Directions for this task:
Transcribe each entry exactly as it appears, leaving out any picture it holds.

Supplied material:
--- START ---

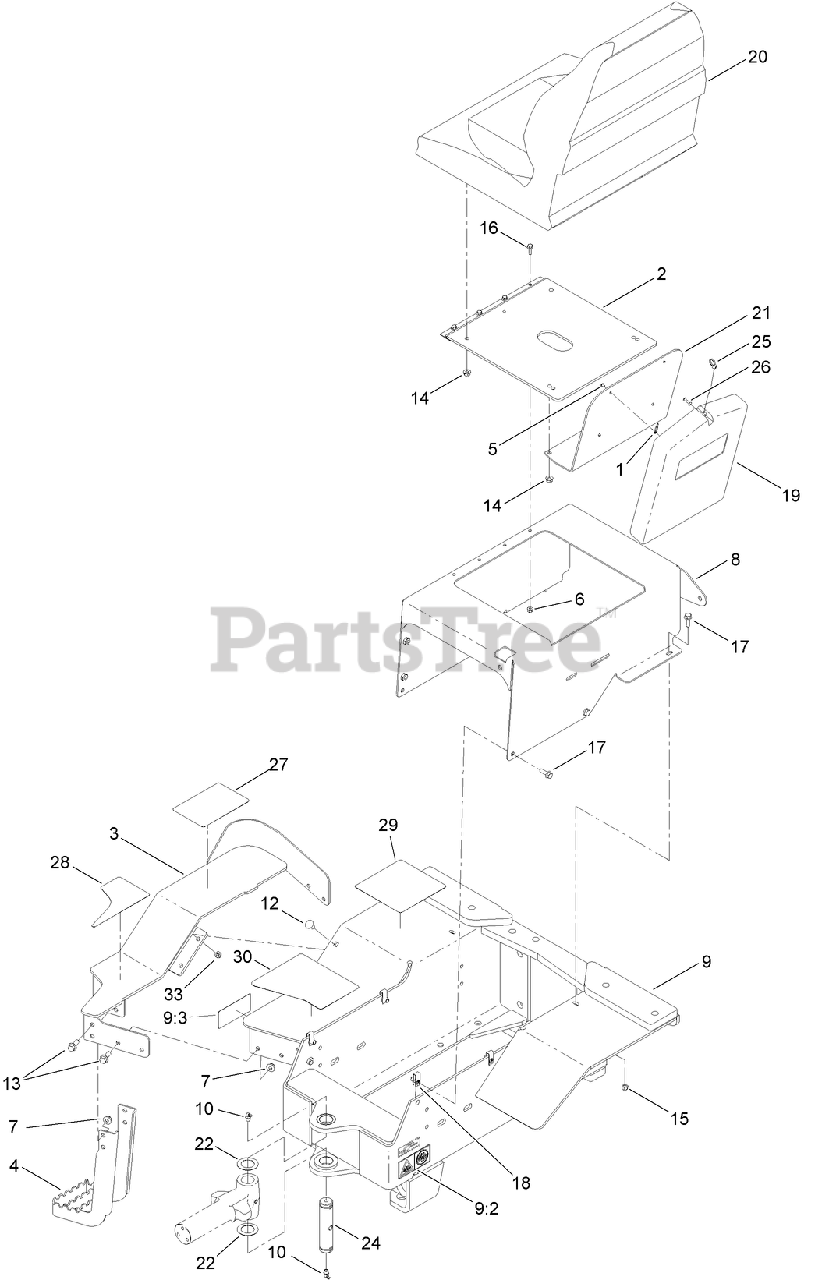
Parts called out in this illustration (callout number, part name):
1	LANYARD
2	PLATE-SEAT
3	PLATFORM-EXTENSION
4	STEP-PLATFORM
5	RIVET-POP
6	NUT-FLANGE, NI
7	NUT-HF, NI
8	SUPPORT-SEAT
9	REAR FRAME AND DECAL ASM
9:2	DECAL-DANGER, ARTICULATED JOINT
9:3	DECAL-WARNING, STEP EXTENSION
10	FITTING-GREASE
12	SCREW-CARR
13	SCREW-HHF
14	NUT-FLANGE
15	NUT-LOCK, NI
16	SCREW-HHF
17	SCREW-HHF
19	HOLDER-MANUAL, OPERATOR
20	SEAT-NON SUSPENSION
21	PLATE-MOUNT, OPERATOR MANUAL
24	PIN-PIVOT
25	STRAP-TIE, NYLON
26	POST-MANUAL
27	TREAD-FLOORBOARD
28	TREAD-FLOORBOARD
29	TREAD-FLOORBOARD
30	TREAD-FLOORBOARD
33	NUT-LOCK, NI
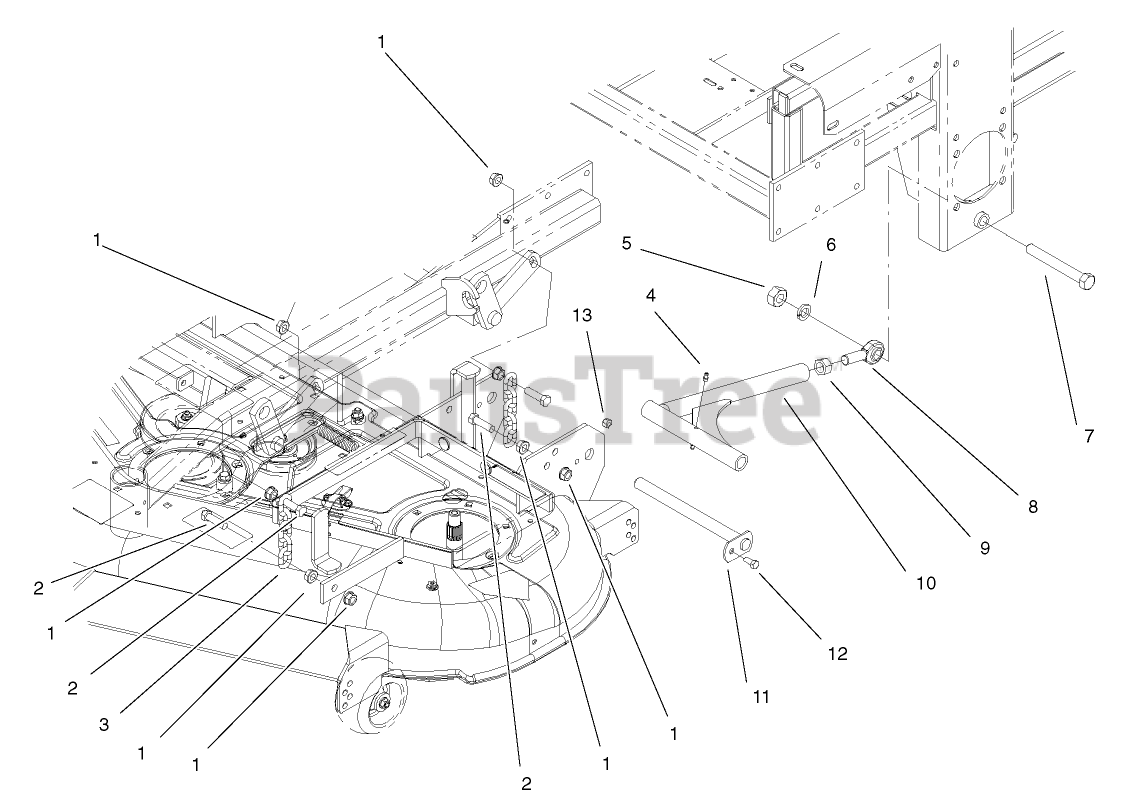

--- END ---

Response area:
Parts called out in this illustration (callout number, part name):
1	LANYARD
2	PLATE-SEAT
3	PLATFORM-EXTENSION
4	STEP-PLATFORM
5	RIVET-POP
6	NUT-FLANGE, NI
7	NUT-HF, NI
8	SUPPORT-SEAT
9	REAR FRAME AND DECAL ASM
9:2	DECAL-DANGER, ARTICULATED JOINT
9:3	DECAL-WARNING, STEP EXTENSION
10	FITTING-GREASE
12	SCREW-CARR
13	SCREW-HHF
14	NUT-FLANGE
15	NUT-LOCK, NI
16	SCREW-HHF
17	SCREW-HHF
19	HOLDER-MANUAL, OPERATOR
20	SEAT-NON SUSPENSION
21	PLATE-MOUNT, OPERATOR MANUAL
24	PIN-PIVOT
25	STRAP-TIE, NYLON
26	POST-MANUAL
27	TREAD-FLOORBOARD
28	TREAD-FLOORBOARD
29	TREAD-FLOORBOARD
30	TREAD-FLOORBOARD
33	NUT-LOCK, NI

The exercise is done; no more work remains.